Explanation that @Coolsbloxian asked for:
The year was 2017/2018, a group of users on Roblox decided to use their botting system to create millions upon billions of accounts into the Roblox platform. Today, they share these accounts with the public, allowing exploiters to easily withdraw old accounts, bypassing any age limits on your experience.
The flaw with their accounts is that they all have the same formatted username. WIth the code below, you can easily detect if an account was withdrawn from them. This is not absolutely flawless, as some usernames may match the statement. Considering implementing a whitelist system if you wish to use this for a larger game.
if string.match(script.Parent.Parent.TextBox.Text, "^[A-Z][a-z]+[A-Z][a-z]+[0-9]?[0-9]$") then
--insert some code for alts
end
The alt format is NameName## where the last digits are integers, with 2 capitalized (non-consistent) words/names in the front.
Old accounts, ppl use alts to obtain some sort of advantage in a game, so anything that is easily obtainable, should be adjusted and balanced with that in mind, this will further discourage most of them to create alts, you see, Rogue lineage, 250 (fixed) robux to reroll race is insane, they create alts because it will work like multiple slots, without changing races in-game
This is gonna have an uncountable amount of false positives and be a bad idea to implement all around.

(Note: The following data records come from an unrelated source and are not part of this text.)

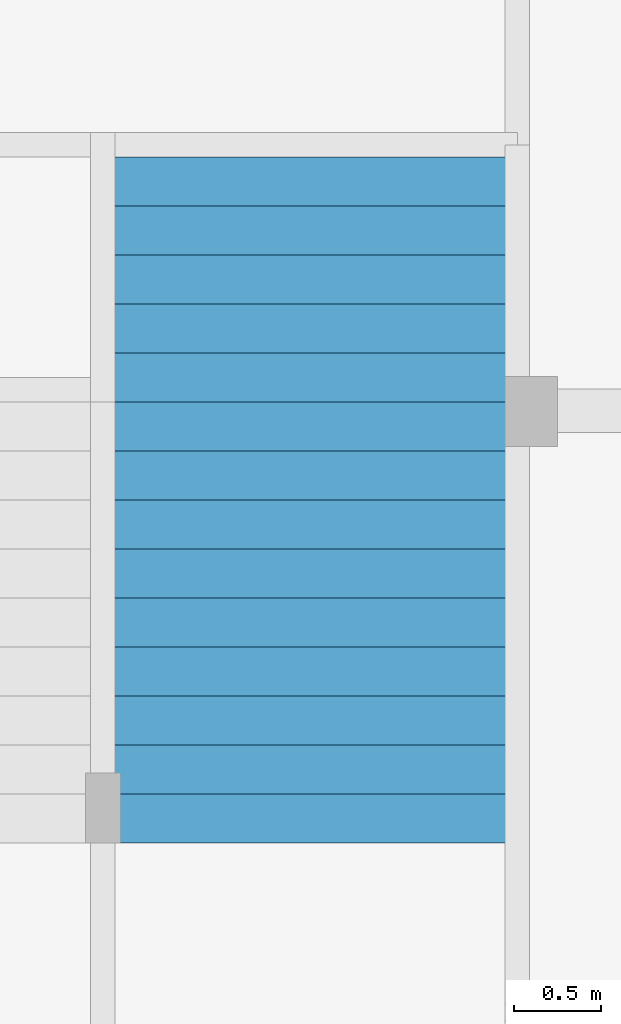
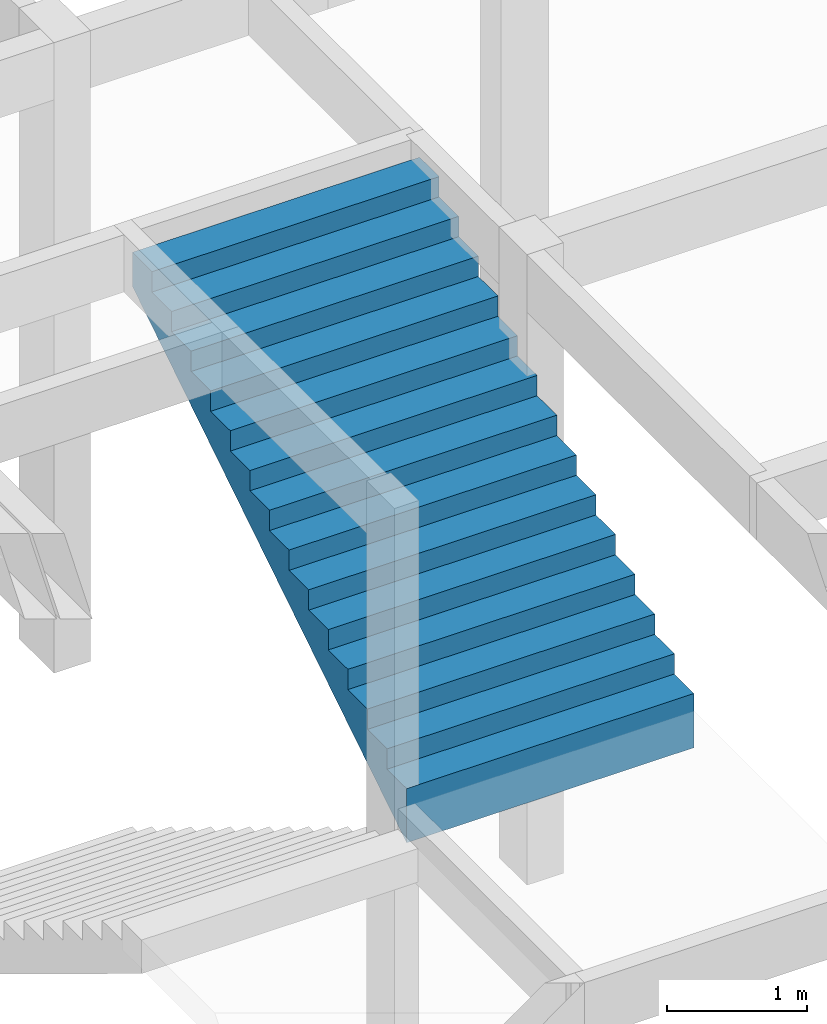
# One storey, part 8 of 8: 1 stair flight.
"""IFC4 building model written with IfcOpenShell, lengths in centimetres."""

from ifc_helpers import new_model, si_unit, derived_unit, frame, origin, origin_with_axes, place, context, project, spatial, faceted_brep, material, element, save


model = new_model("IFC4")

# Units and contexts
model_context = context("Model", 3, precision=1e-05, world=origin_with_axes(), identifier="Body")
ifc_project = project(units=[si_unit("LENGTHUNIT", "METRE", prefix="CENTI"), si_unit("VOLUMEUNIT", "CUBIC_METRE"), si_unit("AREAUNIT", "SQUARE_METRE"), si_unit("POWERUNIT", "WATT"), si_unit("LUMINOUSFLUXUNIT", "LUMEN"), si_unit("ELECTRICCURRENTUNIT", "AMPERE"), si_unit("PRESSUREUNIT", "PASCAL", prefix="KILO"), si_unit("MASSUNIT", "GRAM", prefix="KILO"), si_unit("PLANEANGLEUNIT", "RADIAN"), derived_unit("VOLUMETRICFLOWRATEUNIT", [(si_unit("LENGTHUNIT", "METRE"), 3), (si_unit("TIMEUNIT", "SECOND"), -1)])], contexts=[model_context])

# Site, building, storey
site_placement = place(None, origin_with_axes())
site = spatial("IfcSite", under=ifc_project, at=site_placement)
building_placement = place(site_placement, origin())
building = spatial("IfcBuilding", under=site, at=building_placement)
placement = place(building_placement, origin_with_axes())
storey_placement = place(placement, frame((0.0, 0.0, 550.0), z_axis=(0.0, 0.0, 1.0), x_axis=(1.0, 0.0, 0.0)))
storey = spatial("IfcBuildingStorey", under=building, at=storey_placement, Name="TÉRREO", CompositionType="ELEMENT", Elevation=550.0)

# Stair flight
ifc_material = material(Name="Concreto")
stair_flight_placement = place(storey_placement, frame((3022.1, -894.1, -17.7), z_axis=(0.0, 0.0, 1.0), x_axis=(1.0, 0.0, 0.0)))
element("IfcStairFlight", 1, at=stair_flight_placement, inside=storey, material=ifc_material, Name="LE4", NumberOfRisers=0, NumberOfTreads=0, context=model_context, shape_type="Brep", body=[
    faceted_brep([(-118.5, 196.0, 0.0), (-118.5, 168.0, 0.0), (118.5, 168.0, 0.0), (118.5, 196.0, 0.0), (-118.5, 168.0, -47.276221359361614), (-118.5, 196.0, -29.576221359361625), (118.5, 196.0, -29.576221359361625), (118.5, 168.0, -47.276221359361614), (-118.5, 196.0, -29.576221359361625), (-118.5, 196.0, 0.0), (118.5, 196.0, 0.0), (118.5, 196.0, -29.576221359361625), (-118.5, 168.0, 0.0), (-118.5, 168.0, -47.276221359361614), (118.5, 168.0, -47.276221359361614), (118.5, 168.0, 0.0), (118.5, 168.0, -47.276221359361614), (118.5, 196.0, -29.576221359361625), (118.5, 196.0, 0.0), (118.5, 168.0, 0.0), (-118.5, 168.0, -47.276221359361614), (-118.5, 168.0, 0.0), (-118.5, 196.0, 0.0), (-118.5, 196.0, -29.576221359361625), (-118.5, 168.0, -17.7), (-118.5, 140.0, -17.7), (118.5, 140.0, -17.7), (118.5, 168.0, -17.7), (-118.5, 140.0, -64.97622135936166), (-118.5, 168.0, -47.27622135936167), (118.5, 168.0, -47.27622135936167), (118.5, 140.0, -64.97622135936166), (-118.5, 168.0, -47.27622135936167), (-118.5, 168.0, -17.7), (118.5, 168.0, -17.7), (118.5, 168.0, -47.27622135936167), (-118.5, 140.0, -17.7), (-118.5, 140.0, -64.97622135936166), (118.5, 140.0, -64.97622135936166), (118.5, 140.0, -17.7), (118.5, 140.0, -64.97622135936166), (118.5, 168.0, -47.27622135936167), (118.5, 168.0, -17.7), (118.5, 140.0, -17.7), (-118.5, 140.0, -64.97622135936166), (-118.5, 140.0, -17.7), (-118.5, 168.0, -17.7), (-118.5, 168.0, -47.27622135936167), (-118.5, 140.0, -35.4), (-118.5, 112.0, -35.4), (118.5, 112.0, -35.4), (118.5, 140.0, -35.4), (-118.5, 112.0, -82.67622135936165), (-118.5, 140.0, -64.97622135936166), (118.5, 140.0, -64.97622135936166), (118.5, 112.0, -82.67622135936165), (-118.5, 140.0, -64.97622135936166), (-118.5, 140.0, -35.4), (118.5, 140.0, -35.4), (118.5, 140.0, -64.97622135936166), (-118.5, 112.0, -35.4), (-118.5, 112.0, -82.67622135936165), (118.5, 112.0, -82.67622135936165), (118.5, 112.0, -35.4), (118.5, 112.0, -82.67622135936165), (118.5, 140.0, -64.97622135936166), (118.5, 140.0, -35.4), (118.5, 112.0, -35.4), (-118.5, 112.0, -82.67622135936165), (-118.5, 112.0, -35.4), (-118.5, 140.0, -35.4), (-118.5, 140.0, -64.97622135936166), (-118.5, 112.0, -53.1), (-118.5, 84.0, -53.1), (118.5, 84.0, -53.1), (118.5, 112.0, -53.1), (-118.5, 84.0, -100.37622135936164), (-118.5, 112.0, -82.67622135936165), (118.5, 112.0, -82.67622135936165), (118.5, 84.0, -100.37622135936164), (-118.5, 112.0, -82.67622135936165), (-118.5, 112.0, -53.1), (118.5, 112.0, -53.1), (118.5, 112.0, -82.67622135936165), (-118.5, 84.0, -53.1), (-118.5, 84.0, -100.37622135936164), (118.5, 84.0, -100.37622135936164), (118.5, 84.0, -53.1), (118.5, 84.0, -100.37622135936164), (118.5, 112.0, -82.67622135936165), (118.5, 112.0, -53.1), (118.5, 84.0, -53.1), (-118.5, 84.0, -100.37622135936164), (-118.5, 84.0, -53.1), (-118.5, 112.0, -53.1), (-118.5, 112.0, -82.67622135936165), (-118.5, 84.0, -70.8), (-118.5, 56.0, -70.8), (118.5, 56.0, -70.8), (118.5, 84.0, -70.8), (-118.5, 56.0, -118.07622135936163), (-118.5, 84.0, -100.37622135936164), (118.5, 84.0, -100.37622135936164), (118.5, 56.0, -118.07622135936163), (-118.5, 84.0, -100.37622135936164), (-118.5, 84.0, -70.8), (118.5, 84.0, -70.8), (118.5, 84.0, -100.37622135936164), (-118.5, 56.0, -70.8), (-118.5, 56.0, -118.07622135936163), (118.5, 56.0, -118.07622135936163), (118.5, 56.0, -70.8), (118.5, 56.0, -118.07622135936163), (118.5, 84.0, -100.37622135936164), (118.5, 84.0, -70.8), (118.5, 56.0, -70.8), (-118.5, 56.0, -118.07622135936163), (-118.5, 56.0, -70.8), (-118.5, 84.0, -70.8), (-118.5, 84.0, -100.37622135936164), (-118.5, 56.0, -88.5), (-118.5, 28.0, -88.5), (118.5, 28.0, -88.5), (118.5, 56.0, -88.5), (-118.5, 28.0, -135.7762213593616), (-118.5, 56.0, -118.07622135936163), (118.5, 56.0, -118.07622135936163), (118.5, 28.0, -135.7762213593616), (-118.5, 56.0, -118.07622135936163), (-118.5, 56.0, -88.5), (118.5, 56.0, -88.5), (118.5, 56.0, -118.07622135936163), (-118.5, 28.0, -88.5), (-118.5, 28.0, -135.7762213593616), (118.5, 28.0, -135.7762213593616), (118.5, 28.0, -88.5), (118.5, 28.0, -135.7762213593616), (118.5, 56.0, -118.07622135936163), (118.5, 56.0, -88.5), (118.5, 28.0, -88.5), (-118.5, 28.0, -135.7762213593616), (-118.5, 28.0, -88.5), (-118.5, 56.0, -88.5), (-118.5, 56.0, -118.07622135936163), (-118.5, 28.0, -106.2), (-118.5, 0.0, -106.2), (118.5, 0.0, -106.2), (118.5, 28.0, -106.2), (-118.5, 0.0, -153.4762213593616), (-118.5, 28.0, -135.7762213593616), (118.5, 28.0, -135.7762213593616), (118.5, 0.0, -153.4762213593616), (-118.5, 28.0, -135.7762213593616), (-118.5, 28.0, -106.2), (118.5, 28.0, -106.2), (118.5, 28.0, -135.7762213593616), (-118.5, 0.0, -106.2), (-118.5, 0.0, -153.4762213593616), (118.5, 0.0, -153.4762213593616), (118.5, 0.0, -106.2), (118.5, 0.0, -153.4762213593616), (118.5, 28.0, -135.7762213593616), (118.5, 28.0, -106.2), (118.5, 0.0, -106.2), (-118.5, 0.0, -153.4762213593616), (-118.5, 0.0, -106.2), (-118.5, 28.0, -106.2), (-118.5, 28.0, -135.7762213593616), (-118.5, 0.0, -123.9), (-118.5, -28.0, -123.9), (118.5, -28.0, -123.9), (118.5, 0.0, -123.9), (-118.5, -28.0, -171.1762213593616), (-118.5, 0.0, -153.4762213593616), (118.5, 0.0, -153.4762213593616), (118.5, -28.0, -171.1762213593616), (-118.5, 0.0, -153.4762213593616), (-118.5, 0.0, -123.9), (118.5, 0.0, -123.9), (118.5, 0.0, -153.4762213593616), (-118.5, -28.0, -123.9), (-118.5, -28.0, -171.1762213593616), (118.5, -28.0, -171.1762213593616), (118.5, -28.0, -123.9), (118.5, -28.0, -171.1762213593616), (118.5, 0.0, -153.4762213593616), (118.5, 0.0, -123.9), (118.5, -28.0, -123.9), (-118.5, -28.0, -171.1762213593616), (-118.5, -28.0, -123.9), (-118.5, 0.0, -123.9), (-118.5, 0.0, -153.4762213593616), (-118.5, -28.0, -141.6), (-118.5, -56.0, -141.6), (118.5, -56.0, -141.6), (118.5, -28.0, -141.6), (-118.5, -56.0, -188.87622135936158), (-118.5, -28.0, -171.1762213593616), (118.5, -28.0, -171.1762213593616), (118.5, -56.0, -188.87622135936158), (-118.5, -28.0, -171.1762213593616), (-118.5, -28.0, -141.6), (118.5, -28.0, -141.6), (118.5, -28.0, -171.1762213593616), (-118.5, -56.0, -141.6), (-118.5, -56.0, -188.87622135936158), (118.5, -56.0, -188.87622135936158), (118.5, -56.0, -141.6), (118.5, -56.0, -188.87622135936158), (118.5, -28.0, -171.1762213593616), (118.5, -28.0, -141.6), (118.5, -56.0, -141.6), (-118.5, -56.0, -188.87622135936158), (-118.5, -56.0, -141.6), (-118.5, -28.0, -141.6), (-118.5, -28.0, -171.1762213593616), (-118.5, -56.0, -159.3), (-118.5, -84.0, -159.3), (118.5, -84.0, -159.3), (118.5, -56.0, -159.3), (-118.5, -84.0, -206.57622135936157), (-118.5, -56.0, -188.87622135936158), (118.5, -56.0, -188.87622135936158), (118.5, -84.0, -206.57622135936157), (-118.5, -56.0, -188.87622135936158), (-118.5, -56.0, -159.3), (118.5, -56.0, -159.3), (118.5, -56.0, -188.87622135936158), (-118.5, -84.0, -159.3), (-118.5, -84.0, -206.57622135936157), (118.5, -84.0, -206.57622135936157), (118.5, -84.0, -159.3), (118.5, -84.0, -206.57622135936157), (118.5, -56.0, -188.87622135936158), (118.5, -56.0, -159.3), (118.5, -84.0, -159.3), (-118.5, -84.0, -206.57622135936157), (-118.5, -84.0, -159.3), (-118.5, -56.0, -159.3), (-118.5, -56.0, -188.87622135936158), (-118.5, -84.0, -177.0), (-118.5, -112.0, -177.0), (118.5, -112.0, -177.0), (118.5, -84.0, -177.0), (-118.5, -112.0, -224.27622135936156), (-118.5, -84.0, -206.57622135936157), (118.5, -84.0, -206.57622135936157), (118.5, -112.0, -224.27622135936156), (-118.5, -84.0, -206.57622135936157), (-118.5, -84.0, -177.0), (118.5, -84.0, -177.0), (118.5, -84.0, -206.57622135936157), (-118.5, -112.0, -177.0), (-118.5, -112.0, -224.27622135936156), (118.5, -112.0, -224.27622135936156), (118.5, -112.0, -177.0), (118.5, -112.0, -224.27622135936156), (118.5, -84.0, -206.57622135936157), (118.5, -84.0, -177.0), (118.5, -112.0, -177.0), (-118.5, -112.0, -224.27622135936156), (-118.5, -112.0, -177.0), (-118.5, -84.0, -177.0), (-118.5, -84.0, -206.57622135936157), (-118.5, -112.0, -194.7), (-118.5, -140.0, -194.7), (118.5, -140.0, -194.7), (118.5, -112.0, -194.7), (-118.5, -140.0, -241.97622135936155), (-118.5, -112.0, -224.27622135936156), (118.5, -112.0, -224.27622135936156), (118.5, -140.0, -241.97622135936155), (-118.5, -112.0, -224.27622135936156), (-118.5, -112.0, -194.7), (118.5, -112.0, -194.7), (118.5, -112.0, -224.27622135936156), (-118.5, -140.0, -194.7), (-118.5, -140.0, -241.97622135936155), (118.5, -140.0, -241.97622135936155), (118.5, -140.0, -194.7), (118.5, -140.0, -241.97622135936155), (118.5, -112.0, -224.27622135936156), (118.5, -112.0, -194.7), (118.5, -140.0, -194.7), (-118.5, -140.0, -241.97622135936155), (-118.5, -140.0, -194.7), (-118.5, -112.0, -194.7), (-118.5, -112.0, -224.27622135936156), (-118.5, -140.0, -212.4), (-118.5, -168.0, -212.4), (118.5, -168.0, -212.4), (118.5, -140.0, -212.4), (-118.5, -168.0, -259.67622135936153), (-118.5, -140.0, -241.97622135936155), (118.5, -140.0, -241.97622135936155), (118.5, -168.0, -259.67622135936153), (-118.5, -140.0, -241.97622135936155), (-118.5, -140.0, -212.4), (118.5, -140.0, -212.4), (118.5, -140.0, -241.97622135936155), (-118.5, -168.0, -212.4), (-118.5, -168.0, -259.67622135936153), (118.5, -168.0, -259.67622135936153), (118.5, -168.0, -212.4), (118.5, -168.0, -259.67622135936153), (118.5, -140.0, -241.97622135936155), (118.5, -140.0, -212.4), (118.5, -168.0, -212.4), (-118.5, -168.0, -259.67622135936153), (-118.5, -168.0, -212.4), (-118.5, -140.0, -212.4), (-118.5, -140.0, -241.97622135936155), (-118.5, -168.0, -230.1), (-118.5, -196.0, -230.1), (118.5, -196.0, -230.1), (118.5, -168.0, -230.1), (-118.5, -196.0, -277.37622135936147), (-118.5, -168.0, -259.67622135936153), (118.5, -168.0, -259.67622135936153), (118.5, -196.0, -277.37622135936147), (-118.5, -168.0, -259.67622135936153), (-118.5, -168.0, -230.1), (118.5, -168.0, -230.1), (118.5, -168.0, -259.67622135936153), (-118.5, -196.0, -230.1), (-118.5, -196.0, -277.37622135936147), (118.5, -196.0, -277.37622135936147), (118.5, -196.0, -230.1), (118.5, -196.0, -277.37622135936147), (118.5, -168.0, -259.67622135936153), (118.5, -168.0, -230.1), (118.5, -196.0, -230.1), (-118.5, -196.0, -277.37622135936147), (-118.5, -196.0, -230.1), (-118.5, -168.0, -230.1), (-118.5, -168.0, -259.67622135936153)], [[[0, 1, 2, 3]], [[4, 5, 6, 7]], [[8, 9, 10, 11]], [[12, 13, 14, 15]], [[16, 17, 18, 19]], [[20, 21, 22, 23]], [[24, 25, 26, 27]], [[28, 29, 30, 31]], [[32, 33, 34, 35]], [[36, 37, 38, 39]], [[40, 41, 42, 43]], [[44, 45, 46, 47]], [[48, 49, 50, 51]], [[52, 53, 54, 55]], [[56, 57, 58, 59]], [[60, 61, 62, 63]], [[64, 65, 66, 67]], [[68, 69, 70, 71]], [[72, 73, 74, 75]], [[76, 77, 78, 79]], [[80, 81, 82, 83]], [[84, 85, 86, 87]], [[88, 89, 90, 91]], [[92, 93, 94, 95]], [[96, 97, 98, 99]], [[100, 101, 102, 103]], [[104, 105, 106, 107]], [[108, 109, 110, 111]], [[112, 113, 114, 115]], [[116, 117, 118, 119]], [[120, 121, 122, 123]], [[124, 125, 126, 127]], [[128, 129, 130, 131]], [[132, 133, 134, 135]], [[136, 137, 138, 139]], [[140, 141, 142, 143]], [[144, 145, 146, 147]], [[148, 149, 150, 151]], [[152, 153, 154, 155]], [[156, 157, 158, 159]], [[160, 161, 162, 163]], [[164, 165, 166, 167]], [[168, 169, 170, 171]], [[172, 173, 174, 175]], [[176, 177, 178, 179]], [[180, 181, 182, 183]], [[184, 185, 186, 187]], [[188, 189, 190, 191]], [[192, 193, 194, 195]], [[196, 197, 198, 199]], [[200, 201, 202, 203]], [[204, 205, 206, 207]], [[208, 209, 210, 211]], [[212, 213, 214, 215]], [[216, 217, 218, 219]], [[220, 221, 222, 223]], [[224, 225, 226, 227]], [[228, 229, 230, 231]], [[232, 233, 234, 235]], [[236, 237, 238, 239]], [[240, 241, 242, 243]], [[244, 245, 246, 247]], [[248, 249, 250, 251]], [[252, 253, 254, 255]], [[256, 257, 258, 259]], [[260, 261, 262, 263]], [[264, 265, 266, 267]], [[268, 269, 270, 271]], [[272, 273, 274, 275]], [[276, 277, 278, 279]], [[280, 281, 282, 283]], [[284, 285, 286, 287]], [[288, 289, 290, 291]], [[292, 293, 294, 295]], [[296, 297, 298, 299]], [[300, 301, 302, 303]], [[304, 305, 306, 307]], [[308, 309, 310, 311]], [[312, 313, 314, 315]], [[316, 317, 318, 319]], [[320, 321, 322, 323]], [[324, 325, 326, 327]], [[328, 329, 330, 331]], [[332, 333, 334, 335]]]),
])

save(model, "model.ifc")

I like the idea on paper but it’s not good in practice.
Literally everyone back in 2018 knew that the accounts passwords were all just their names reversed (eg “FirstLast123” would have the password “321tsaLtsriF”) and, assuming you find one that nobody else has already (very easy if you know where to look) you can easily get one for yourself.
Because Roblox doesn’t read reports and in turn never banned these phishing/spam accounts people with malicious intent have recently been finding + changing the passwords in mass because it’s millions of free accounts that have already been made and email verified (saving time + money as opposed to creating and verifying new accounts themselves, because creating tons of fresh accounts even before email verifying can be very slow and captcha solving can get very expensive)
I appreciate the resource though, because if anyone decides to bot inside the games (like what was happening at one point with bots joining, linking to phishing sites, and leaving immediately) it’s a decent bandaid for a short time.
I do not participate in such activities but my friend helped develop a botting system that functions at this exact moment. The username formatting can be changed with ease, therefore, normally the alts/bot accounts we see/use these days are no longer the 2017/2018 ones.
its funny, whenever something like this comes up, there is always a group of people that say what a bad idea it is.
It all comes down to 2 things:
Always obtain as much info from players as possible, and if possible create algorithms to come up with tags
Do not apply punishment when there is a chance to false positive based in 1 variable.
The scenario is simple, if someone reports the player, and when retrieving player’s data of the game have a tag of potential malicious alt, then you have one more factor to decide what punishment you will be applying. Or, another idea: if a player gets this positive, you could force a secondary form of identification or activate hacking detecting scripts for that account.